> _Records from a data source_
........
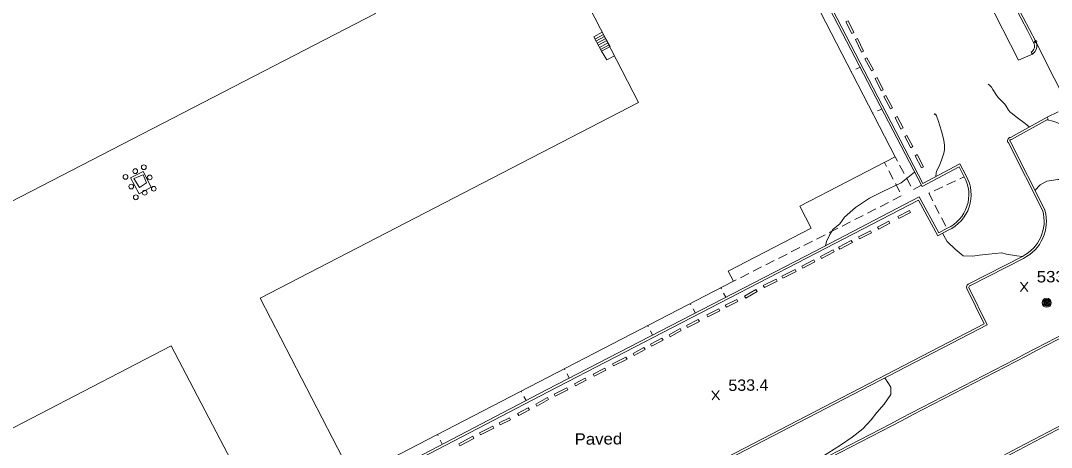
# Model space of a CAD drawing. Extents: x 2361284 to 2366480, y 6976556 to 6985346.
# Drawn here: x 2362953.7 to 2363387.8, y 6978671.2 to 6978850.6 of the extents above; entities that cross this region are included whole.
import ezdxf

# ---------------------------------------------------------------- set-up
doc = ezdxf.new("R2010")
doc.units = 0
doc.header["$LTSCALE"] = 1.9
doc.header["$PDMODE"] = 32
doc.header["$PDSIZE"] = 0.95
for name, color, linetype, lineweight in [('10', 7, 'Continuous', 13), ('12', 7, 'Continuous', 13), ('13', 7, 'Continuous', 13), ('19', 7, 'Continuous', 13), ('26', 7, 'Continuous', 13), ('28', 7, 'Continuous', 13), ('3', 7, 'Continuous', 13), ('31', 7, 'Continuous', 13), ('4', 7, 'Continuous', 13), ('7', 7, 'Continuous', 13)]:
    doc.layers.add(name, color=color, linetype=linetype, lineweight=lineweight)

msp = doc.modelspace()

# ---------------------------------------------------------------- linework, layer by layer
at = {"layer": '10'}
msp.add_lwpolyline([(2363006.791, 6978782.368), (2363005.309, 6978785.755), (2363001.454, 6978784.178), (2363003.739, 6978780.469)], close=True, dxfattribs=at)
at = {"layer": '12'}
for p, q in [((2363377.831, 6978736.766), (2363374.714, 6978740.617)), ((2363374.751, 6978736.737), (2363377.794, 6978740.646)), ((2363247.967, 6978691.149), (2363244.85, 6978695)), ((2363244.887, 6978691.12), (2363247.93, 6978695.029))]:
    msp.add_line(p, q, dxfattribs=at)
at = {"layer": '13'}
for points in [[(2363378.437, 6978805.903), (2363376.724, 6978807.337), (2363373.561, 6978809.727), (2363370.772, 6978811.841), (2363370.404, 6978812.164), (2363369.785, 6978812.922), (2363368.738, 6978814.627), (2363368.156, 6978815.426), (2363365.429, 6978818.32), (2363364.418, 6978819.724), (2363363.185, 6978821.693), (2363362.507, 6978822.642), (2363361.656, 6978823.536), (2363361.135, 6978823.939)], [(2363339.084, 6978785.008), (2363339.274, 6978786.506), (2363339.453, 6978787.242), (2363340.61, 6978789.693), (2363341.655, 6978792.353), (2363342.339, 6978794.397), (2363342.595, 6978795.431), (2363342.744, 6978796.372), (2363342.783, 6978798.281), (2363342.54, 6978800.213), (2363342.258, 6978801.506), (2363341.503, 6978804.081), (2363340.125, 6978808.557), (2363339.376, 6978810.535), (2363338.916, 6978811.276), (2363338.709, 6978811.394), (2363338.435, 6978811.183)], [(2363404.108, 6978795.396), (2363402.878, 6978797.494), (2363401.907, 6978798.87), (2363399.811, 6978801.505), (2363398.173, 6978803.496), (2363397.165, 6978804.25), (2363393.025, 6978806.332), (2363391.326, 6978807.176), (2363389.591, 6978807.909), (2363388.396, 6978808.303), (2363385.949, 6978808.925)], [(2363292.588, 6978755.864), (2363293.021, 6978757.678), (2363294.512, 6978760.692), (2363295.892, 6978762.867), (2363298.67, 6978765.213), (2363300.604, 6978767.901), (2363305.326, 6978772.016), (2363311.129, 6978775.941), (2363316.732, 6978778.815), (2363324.528, 6978782.369), (2363330.166, 6978786.884)], [(2363422.355, 6978734.937), (2363422.362, 6978736.327), (2363422.576, 6978739.069), (2363422.464, 6978741.398), (2363421.917, 6978743.123), (2363421.322, 6978746.817), (2363419.648, 6978750.412), (2363417.403, 6978754.111), (2363414.726, 6978760.005), (2363412.735, 6978765.248), (2363408.669, 6978773.288), (2363406.506, 6978775.698), (2363402.458, 6978779.63), (2363400.805, 6978781.154), (2363397.377, 6978782.981), (2363394.209, 6978783.802), (2363390.438, 6978783.797), (2363385.835, 6978783.082), (2363383.018, 6978781.625), (2363380.851, 6978779.244)], [(2363375.575, 6978751.493), (2363373.223, 6978751.72), (2363368.816, 6978752.409), (2363366.71, 6978752.999), (2363361.425, 6978752.438), (2363357.329, 6978751.949), (2363354.642, 6978751.614), (2363350.621, 6978751.715), (2363347.324, 6978754.504), (2363343.844, 6978757.721), (2363341.931, 6978761.194)], [(2363288.834, 6978664.913), (2363290.436, 6978666.648), (2363293.627, 6978668.739), (2363298.955, 6978672.14), (2363303.845, 6978675.397), (2363308.361, 6978679.01), (2363311.895, 6978682.773), (2363314.316, 6978685.876), (2363317.303, 6978689.315), (2363320.113, 6978693.412), (2363320.204, 6978696.474), (2363317.688, 6978700.34)]]:
    msp.add_lwpolyline(points, dxfattribs=at)
at = {"layer": '19'}
for p, q in [((2363303.601, 6978829.373), (2363303.432, 6978829.291)), ((2363307.225, 6978831.067), (2363305.413, 6978830.22)), ((2363312.718, 6978811.859), (2363312.479, 6978811.757)), ((2363316.403, 6978813.404), (2363314.561, 6978812.626)), ((2363321.993, 6978793.336), (2363322.94, 6978791.575)), ((2363317.475, 6978791.003), (2363318.392, 6978789.232)), ((2363323.887, 6978789.814), (2363325.781, 6978786.292)), ((2363319.309, 6978787.46), (2363321.153, 6978783.908)), ((2363326.728, 6978784.531), (2363328.632, 6978781.008)), ((2363351.065, 6978784.942), (2363349.253, 6978784.095)), ((2363322.07, 6978782.135), (2363323.914, 6978778.583)), ((2363329.705, 6978779.658), (2363333.018, 6978781.389)), ((2363342.005, 6978780.715), (2363338.381, 6978779.03)), ((2363347.44, 6978783.248), (2363343.817, 6978781.562)), ((2363324.55, 6978776.899), (2363320.987, 6978775.085)), ((2363313.862, 6978771.457), (2363310.299, 6978769.643)), ((2363319.205, 6978774.178), (2363315.643, 6978772.364)), ((2363338.728, 6978773.053), (2363340.552, 6978769.491)), ((2363303.172, 6978766.015), (2363299.609, 6978764.202)), ((2363308.518, 6978768.736), (2363304.955, 6978766.922)), ((2363341.469, 6978767.709), (2363343.293, 6978764.147)), ((2363297.828, 6978763.295), (2363294.265, 6978761.491)), ((2363287.14, 6978757.872), (2363283.577, 6978756.068)), ((2363292.483, 6978760.583), (2363288.921, 6978758.779)), ((2363281.795, 6978755.161), (2363278.231, 6978753.357)), ((2363271.105, 6978749.739), (2363267.532, 6978747.935)), ((2363276.45, 6978752.45), (2363272.887, 6978750.646)), ((2363260.408, 6978744.317), (2363256.834, 6978742.513)), ((2363265.751, 6978747.028), (2363262.188, 6978745.224)), ((2363255.052, 6978741.606), (2363253.908, 6978741.025)), ((2363248.798, 6978737.776), (2363248.544, 6978738.243)), ((2363250.702, 6978734.255), (2363249.755, 6978736.016)), ((2363235.94, 6978731.134), (2363235.685, 6978731.592)), ((2363237.904, 6978727.653), (2363236.927, 6978729.394)), ((2363218.008, 6978721.903), (2363217.794, 6978722.341)), ((2363219.802, 6978718.32), (2363218.905, 6978720.112)), ((2363182.947, 6978703.829), (2363182.753, 6978704.207)), ((2363184.771, 6978700.266), (2363183.864, 6978702.048)), ((2363164.696, 6978694.364), (2363164.492, 6978694.753)), ((2363166.58, 6978690.842), (2363165.643, 6978692.603)), ((2363129.509, 6978676.04), (2363129.264, 6978676.537)), ((2363131.263, 6978672.456), (2363130.386, 6978674.248))]:
    msp.add_line(p, q, dxfattribs=at)
msp.add_lwpolyline([(2363336.569, 6978778.193), (2363336.181, 6978778.009), (2363337.811, 6978774.835)], dxfattribs=at)
at = {"layer": '26'}
msp.add_line((2363354.875, 6978871.212), (2363373.87, 6978834.051), dxfattribs=at)
at = {"layer": '28'}
for p, q in [((2363195.058, 6978843.752), (2363198.66, 6978845.726)), ((2363195.537, 6978842.876), (2363199.138, 6978844.85)), ((2363198.66, 6978845.726), (2363201.967, 6978839.677)), ((2363195.058, 6978843.752), (2363198.366, 6978837.703)), ((2363196.015, 6978842.001), (2363199.616, 6978843.975)), ((2363196.503, 6978841.125), (2363200.105, 6978843.1)), ((2363196.982, 6978840.24), (2363200.583, 6978842.214)), ((2363197.46, 6978839.364), (2363201.061, 6978841.339)), ((2363197.938, 6978838.489), (2363201.54, 6978840.463)), ((2363198.366, 6978837.703), (2363201.967, 6978839.677))]:
    msp.add_line(p, q, dxfattribs=at)
at = {"layer": '3'}
for p, q in [((2363301.284, 6978850.087), (2363302.136, 6978850.531)), ((2363301.284, 6978850.087), (2363303.781, 6978845.231)), ((2363302.136, 6978850.531), (2363304.632, 6978845.674)), ((2363303.781, 6978845.231), (2363304.632, 6978845.674)), ((2363305.226, 6978842.684), (2363306.082, 6978843.118)), ((2363305.226, 6978842.684), (2363307.866, 6978837.399)), ((2363306.082, 6978843.118), (2363308.722, 6978837.833)), ((2363380.32, 6978841.339), (2363380.303, 6978841.371)), ((2363381.36, 6978841.393), (2363396.546, 6978811.446)), ((2363307.866, 6978837.399), (2363308.722, 6978837.833)), ((2363373.87, 6978834.051), (2363379.786, 6978836.548)), ((2363379.288, 6978837.363), (2363379.786, 6978836.548)), ((2363309.254, 6978834.582), (2363310.1, 6978835.035)), ((2363309.254, 6978834.582), (2363311.963, 6978829.447)), ((2363310.1, 6978835.035), (2363312.809, 6978829.9)), ((2363311.963, 6978829.447), (2363312.809, 6978829.9)), ((2363313.572, 6978826.282), (2363314.435, 6978826.704)), ((2363313.572, 6978826.282), (2363316.051, 6978821.145)), ((2363314.435, 6978826.704), (2363316.914, 6978821.568)), ((2363316.051, 6978821.145), (2363316.914, 6978821.568)), ((2363317.274, 6978818.727), (2363318.12, 6978819.18)), ((2363317.274, 6978818.727), (2363320.054, 6978813.463)), ((2363318.12, 6978819.18), (2363320.9, 6978813.916)), ((2363320.054, 6978813.463), (2363320.9, 6978813.916)), ((2363321.987, 6978809.912), (2363322.842, 6978810.349)), ((2363321.987, 6978809.912), (2363324.444, 6978805.035)), ((2363322.842, 6978810.349), (2363325.299, 6978805.472)), ((2363390.677, 6978812.33), (2363385.958, 6978810.025)), ((2363386.417, 6978809.179), (2363385.958, 6978810.025)), ((2363324.444, 6978805.035), (2363325.299, 6978805.472)), ((2363326.115, 6978801.91), (2363326.957, 6978802.37)), ((2363326.115, 6978801.91), (2363328.66, 6978797.184)), ((2363326.957, 6978802.37), (2363329.502, 6978797.644)), ((2363328.66, 6978797.184), (2363329.502, 6978797.644)), ((2363330.382, 6978793.811), (2363331.228, 6978794.265)), ((2363330.382, 6978793.811), (2363333.08, 6978788.706)), ((2363331.228, 6978794.265), (2363333.926, 6978789.16)), ((2363333.08, 6978788.706), (2363333.926, 6978789.16)), ((2363327.983, 6978770.759), (2363323.076, 6978768.282)), ((2363327.983, 6978770.759), (2363328.421, 6978769.904)), ((2363319.315, 6978766.237), (2363314.608, 6978763.822)), ((2363319.315, 6978766.237), (2363319.758, 6978765.385)), ((2363323.076, 6978768.282), (2363323.514, 6978767.427)), ((2363328.421, 6978769.904), (2363323.514, 6978767.427)), ((2363311.604, 6978762.224), (2363306.507, 6978759.725)), ((2363311.604, 6978762.224), (2363312.032, 6978761.364)), ((2363314.608, 6978763.822), (2363315.051, 6978762.97)), ((2363319.758, 6978765.385), (2363315.051, 6978762.97)), ((2363303.502, 6978758.195), (2363298.179, 6978755.304)), ((2363303.965, 6978757.354), (2363298.642, 6978754.464)), ((2363303.502, 6978758.195), (2363303.965, 6978757.354)), ((2363306.507, 6978759.725), (2363306.935, 6978758.865)), ((2363312.032, 6978761.364), (2363306.935, 6978758.865)), ((2363295.898, 6978754.192), (2363290.504, 6978751.421)), ((2363296.342, 6978753.341), (2363290.948, 6978750.57)), ((2363295.898, 6978754.192), (2363296.342, 6978753.341)), ((2363298.179, 6978755.304), (2363298.642, 6978754.464)), ((2363287.689, 6978749.994), (2363282.654, 6978747.376)), ((2363288.137, 6978749.145), (2363283.101, 6978746.527)), ((2363287.689, 6978749.994), (2363288.137, 6978749.145)), ((2363290.504, 6978751.421), (2363290.948, 6978750.57)), ((2363279.815, 6978745.969), (2363274.231, 6978743.216)), ((2363280.246, 6978745.111), (2363274.661, 6978742.358)), ((2363279.815, 6978745.969), (2363280.246, 6978745.111)), ((2363282.654, 6978747.376), (2363283.101, 6978746.527)), ((2363271.834, 6978741.933), (2363266.469, 6978739.212)), ((2363272.273, 6978741.08), (2363266.909, 6978738.359)), ((2363271.834, 6978741.933), (2363272.273, 6978741.08)), ((2363274.231, 6978743.216), (2363274.661, 6978742.358)), ((2363263.366, 6978737.482), (2363258.572, 6978734.787)), ((2363263.841, 6978736.648), (2363259.047, 6978733.952)), ((2363263.366, 6978737.482), (2363263.841, 6978736.648)), ((2363266.469, 6978739.212), (2363266.909, 6978738.359)), ((2363255.294, 6978733.396), (2363250.467, 6978730.919)), ((2363255.737, 6978732.544), (2363250.91, 6978730.068)), ((2363255.294, 6978733.396), (2363255.737, 6978732.544)), ((2363258.572, 6978734.787), (2363259.047, 6978733.952)), ((2363247.741, 6978729.453), (2363242.735, 6978726.926)), ((2363248.179, 6978728.599), (2363243.172, 6978726.071)), ((2363247.741, 6978729.453), (2363248.179, 6978728.599)), ((2363250.467, 6978730.919), (2363250.91, 6978730.068)), ((2363239.083, 6978724.981), (2363234.147, 6978722.414)), ((2363239.531, 6978724.132), (2363234.595, 6978721.565)), ((2363239.083, 6978724.981), (2363239.531, 6978724.132)), ((2363242.735, 6978726.926), (2363243.172, 6978726.071)), ((2363231.45, 6978721.118), (2363226.825, 6978718.474)), ((2363226.825, 6978718.474), (2363227.306, 6978717.643)), ((2363231.931, 6978720.288), (2363227.306, 6978717.643)), ((2363231.45, 6978721.118), (2363231.931, 6978720.288)), ((2363234.147, 6978722.414), (2363234.595, 6978721.565)), ((2363223.808, 6978717.026), (2363218.981, 6978714.549)), ((2363218.981, 6978714.549), (2363219.424, 6978713.698)), ((2363224.251, 6978716.174), (2363219.424, 6978713.698)), ((2363223.808, 6978717.026), (2363224.251, 6978716.174)), ((2363216.185, 6978713.132), (2363211.659, 6978710.609)), ((2363211.659, 6978710.609), (2363212.131, 6978709.773)), ((2363216.657, 6978712.296), (2363212.131, 6978709.773)), ((2363216.185, 6978713.132), (2363216.657, 6978712.296)), ((2363208.641, 6978709.08), (2363202.948, 6978706.236)), ((2363202.948, 6978706.236), (2363203.383, 6978705.38)), ((2363209.076, 6978708.224), (2363203.383, 6978705.38)), ((2363208.641, 6978709.08), (2363209.076, 6978708.224)), ((2363199.687, 6978704.455), (2363194.781, 6978701.899)), ((2363194.781, 6978701.899), (2363195.23, 6978701.05)), ((2363200.136, 6978703.607), (2363195.23, 6978701.05)), ((2363199.687, 6978704.455), (2363200.136, 6978703.607)), ((2363191.456, 6978700.208), (2363186.918, 6978697.924)), ((2363186.918, 6978697.924), (2363187.354, 6978697.069)), ((2363191.892, 6978699.352), (2363187.354, 6978697.069)), ((2363191.456, 6978700.208), (2363191.892, 6978699.352)), ((2363183.733, 6978696.213), (2363178.438, 6978693.503)), ((2363178.438, 6978693.503), (2363178.881, 6978692.651)), ((2363184.175, 6978695.361), (2363178.881, 6978692.651)), ((2363183.733, 6978696.213), (2363184.175, 6978695.361)), ((2363175.583, 6978692.125), (2363170.63, 6978689.278)), ((2363170.63, 6978689.278), (2363171.113, 6978688.448)), ((2363176.066, 6978691.296), (2363171.113, 6978688.448)), ((2363175.583, 6978692.125), (2363176.066, 6978691.296)), ((2363159.603, 6978683.643), (2363155.264, 6978681.421)), ((2363159.603, 6978683.643), (2363160.044, 6978682.79)), ((2363167.502, 6978687.838), (2363162.996, 6978685.336)), ((2363162.996, 6978685.336), (2363163.467, 6978684.499)), ((2363167.973, 6978687.002), (2363163.467, 6978684.499)), ((2363167.502, 6978687.838), (2363167.973, 6978687.002)), ((2363152.514, 6978680.076), (2363146.981, 6978677.303)), ((2363152.95, 6978679.221), (2363147.416, 6978676.448)), ((2363152.514, 6978680.076), (2363152.95, 6978679.221)), ((2363155.264, 6978681.421), (2363155.705, 6978680.569)), ((2363160.044, 6978682.79), (2363155.705, 6978680.569)), ((2363144.185, 6978675.806), (2363138.215, 6978672.659)), ((2363144.639, 6978674.96), (2363138.668, 6978671.813)), ((2363144.185, 6978675.806), (2363144.639, 6978674.96)), ((2363146.981, 6978677.303), (2363147.416, 6978676.448)), ((2363138.215, 6978672.659), (2363138.668, 6978671.813))]:
    msp.add_line(p, q, dxfattribs=at)
for points in [[(2363351.062, 6978784.942), (2363351.045, 6978784.962), (2363348.886, 6978789.112), (2363333.293, 6978780.862), (2363289.203, 6978865.778), (2363219.634, 6978999.973), (2363235.096, 6979008.142), (2363235.304, 6979008.225)], [(2363351.901, 6978785.41), (2363351.901, 6978785.41), (2363349.293, 6978790.416), (2363333.701, 6978782.166), (2363290.059, 6978866.216), (2363220.928, 6978999.566), (2363235.544, 6979007.296), (2363235.545, 6979007.295)], [(2363385.958, 6978810.025), (2363370.49, 6978801.537), (2363370.489, 6978801.537)], [(2363386.417, 6978809.179), (2363370.948, 6978800.691), (2363370.651, 6978800.591)], [(2363369.692, 6978799.231), (2363369.69, 6978799.229), (2363384.123, 6978770.625), (2363384.123, 6978770.625)], [(2363370.403, 6978799.875), (2363370.547, 6978799.657), (2363384.979, 6978771.053), (2363385.048, 6978770.884)], [(2363106.232, 6978640.619), (2363106.338, 6978640.307), (2363098.343, 6978655.322), (2363175.407, 6978695.437), (2363288.34, 6978753.653), (2363332.165, 6978776.451), (2363340.338, 6978761.439), (2363343.881, 6978763.293), (2363343.933, 6978763.321)], [(2363107.182, 6978640.755), (2363107.183, 6978640.755), (2363099.647, 6978654.914), (2363175.846, 6978694.581), (2363288.778, 6978752.798), (2363331.777, 6978775.167), (2363339.951, 6978760.154), (2363344.329, 6978762.447), (2363344.329, 6978762.446)], [(2363375.575, 6978751.493), (2363375.575, 6978751.493), (2363353.241, 6978740.14), (2363353.241, 6978740.14)], [(2363375.999, 6978750.632), (2363376.013, 6978750.637), (2363353.68, 6978739.284), (2363353.556, 6978739.233)], [(2363353.066, 6978738.291), (2363353.007, 6978738.457), (2363360.778, 6978722.661), (2363232.792, 6978656.35), (2363126.908, 6978601.42), (2363118.985, 6978616.416), (2363119.095, 6978616.247)], [(2363352.142, 6978738.029), (2363352.141, 6978738.029), (2363359.504, 6978723.079), (2363232.354, 6978657.206), (2363127.316, 6978602.714), (2363119.831, 6978616.864), (2363119.831, 6978616.864)]]:
    msp.add_lwpolyline(points, dxfattribs=at)
msp.add_lwpolyline([(2363008.659, 6978780.515), (2363005.325, 6978787.215), (2363000.031, 6978784.495), (2363003.645, 6978777.788)], close=True, dxfattribs=at)
for centre, radius, start, end in [((2421491.619, 7009084.827), 65468.558, 207.34658, 207.58195), ((2421491.619, 7009084.826), 65467.598, 207.34658, 207.58195), ((2328867.665, 6961054.149), 38826.633, 27.2658, 27.53601), ((2328867.665, 6961054.149), 38827.593, 27.2658, 27.53601), ((2363377.748, 6978839.888), 2.954, 301.39349, 29.42241), ((2363377.748, 6978839.888), 3.914, 301.39349, 29.42241), ((2363370.724, 6978800.165), 1.392, 99.72402, 222.15673), ((2363370.724, 6978800.165), 0.432, 99.724, 222.15671), ((2363337.55, 6978777.412), 15.469, 294.36993, 29.13067), ((2363337.55, 6978777.412), 16.429, 294.36993, 29.13067), ((2363368.322, 6978766.21), 16.407, 296.23647, 15.6125), ((2363368.322, 6978766.21), 17.367, 296.23647, 15.6125), ((2363353.81, 6978738.502), 1.734, 109.13631, 195.82444), ((2363353.81, 6978738.502), 0.773, 109.13629, 195.82442), ((2446851.432, 6817441.355), 181592.243, 117.35268, 117.45168), ((2446851.433, 6817441.355), 181591.283, 117.35268, 117.45168), ((2342834.51, 7017985.293), 44356.191, 297.31294, 297.61226), ((2342834.51, 7017985.293), 44357.151, 297.31294, 297.61226)]:
    msp.add_arc(centre, radius, start, end, dxfattribs=at)
msp.add_point((2363381.156, 6978841.811), dxfattribs=at)
at = {"layer": '31'}
msp.add_lwpolyline([(2363198.366, 6978837.703), (2363200.57, 6978834.144), (2363203.815, 6978835.754)], dxfattribs=at)
at = {"layer": '4'}
for centre, radius in [((2363002.017, 6978787.304), 1), ((2363005.621, 6978788.978), 1), ((2362997.9, 6978784.884), 1), ((2363008.082, 6978784.691), 1), ((2363000.318, 6978780.846), 1), ((2363005.964, 6978778.22), 1), ((2363009.787, 6978779.926), 1), ((2363002.252, 6978776.314), 1), ((2363385.801, 6978731.949), 1.9), ((2363385.801, 6978731.949), 1.442), ((2363385.801, 6978731.949), 0.539), ((2363385.801, 6978731.949), 0.192)]:
    msp.add_circle(centre, radius, dxfattribs=at)
for start, end in [(174.71552, 185.96556), (163.46611, 174.71615), (185.96287, 197.21291), (152.21535, 163.46538), (197.21479, 208.46483), (140.96646, 152.21649), (208.46822, 219.71826), (129.71376, 140.96379), (219.71376, 230.96379), (118.46406, 129.71409), (107.21593, 118.46597), (95.96582, 107.21585), (84.71553, 95.96557), (73.46552, 84.71555), (62.21535, 73.46538), (50.96397, 62.214), (39.71588, 50.96591), (309.71589, 320.96592), (28.46656, 39.7166), (320.96646, 332.21649), (17.21479, 28.46483), (332.21419, 343.46422), (5.96345, 17.21348), (343.46611, 354.71615), (354.71553, 5.96557), (230.96397, 242.214), (242.21812, 253.46815), (253.46258, 264.71261), (264.71553, 275.96557), (275.96582, 287.21585), (287.21593, 298.46597), (298.46406, 309.71409)]:
    msp.add_arc((2363385.801, 6978731.949), 0.973, start, end, dxfattribs=at)
at = {"layer": '7'}
for points in [[(2363054.534, 6978733.96), (2363093.757, 6978658.158), (2363253.908, 6978741.025), (2363251.687, 6978745.325), (2363286.667, 6978763.399), (2363281.899, 6978772.633), (2363321.993, 6978793.336), (2363211.982, 6979006.392), (2363135.971, 6978967.146), (2363213.89, 6978816.239)], [(2363103.109, 6978853.588), (2363068.529, 6978920.703), (2362855.093, 6978810.738), (2362889.673, 6978743.623)]]:
    msp.add_lwpolyline(points, close=True, dxfattribs=at)
msp.add_lwpolyline([(2362927.431, 6978571.542), (2363056.753, 6978638.295), (2363017.084, 6978713.822), (2362888.281, 6978647.134)], dxfattribs=at)

# ---------------------------------------------------------------- texts
at = {"layer": '12'}
for s, width, p in [('533.5', 1.1, (2363381.639, 6978740.49)), ('533.4', 1.05, (2363251.776, 6978694.873))]:
    msp.add_text(s, height=4.799, rotation=0.545, dxfattribs=dict(at, width=width)).set_placement(p)
at = {"layer": '3', "width": 1.1}
msp.add_text('Paved', height=4.799, rotation=0.545, dxfattribs=at).set_placement((2363187.048, 6978672.226))

doc.saveas('drawing.dxf')
........
Whenever a line above includes the string "close", copy it.

> _COMPLETED TASK_
msp.add_lwpolyline([(2363006.791, 6978782.368), (2363005.309, 6978785.755), (2363001.454, 6978784.178), (2363003.739, 6978780.469)], close=True, dxfattribs=at)
msp.add_lwpolyline([(2363008.659, 6978780.515), (2363005.325, 6978787.215), (2363000.031, 6978784.495), (2363003.645, 6978777.788)], close=True, dxfattribs=at)
    msp.add_lwpolyline(points, close=True, dxfattribs=at)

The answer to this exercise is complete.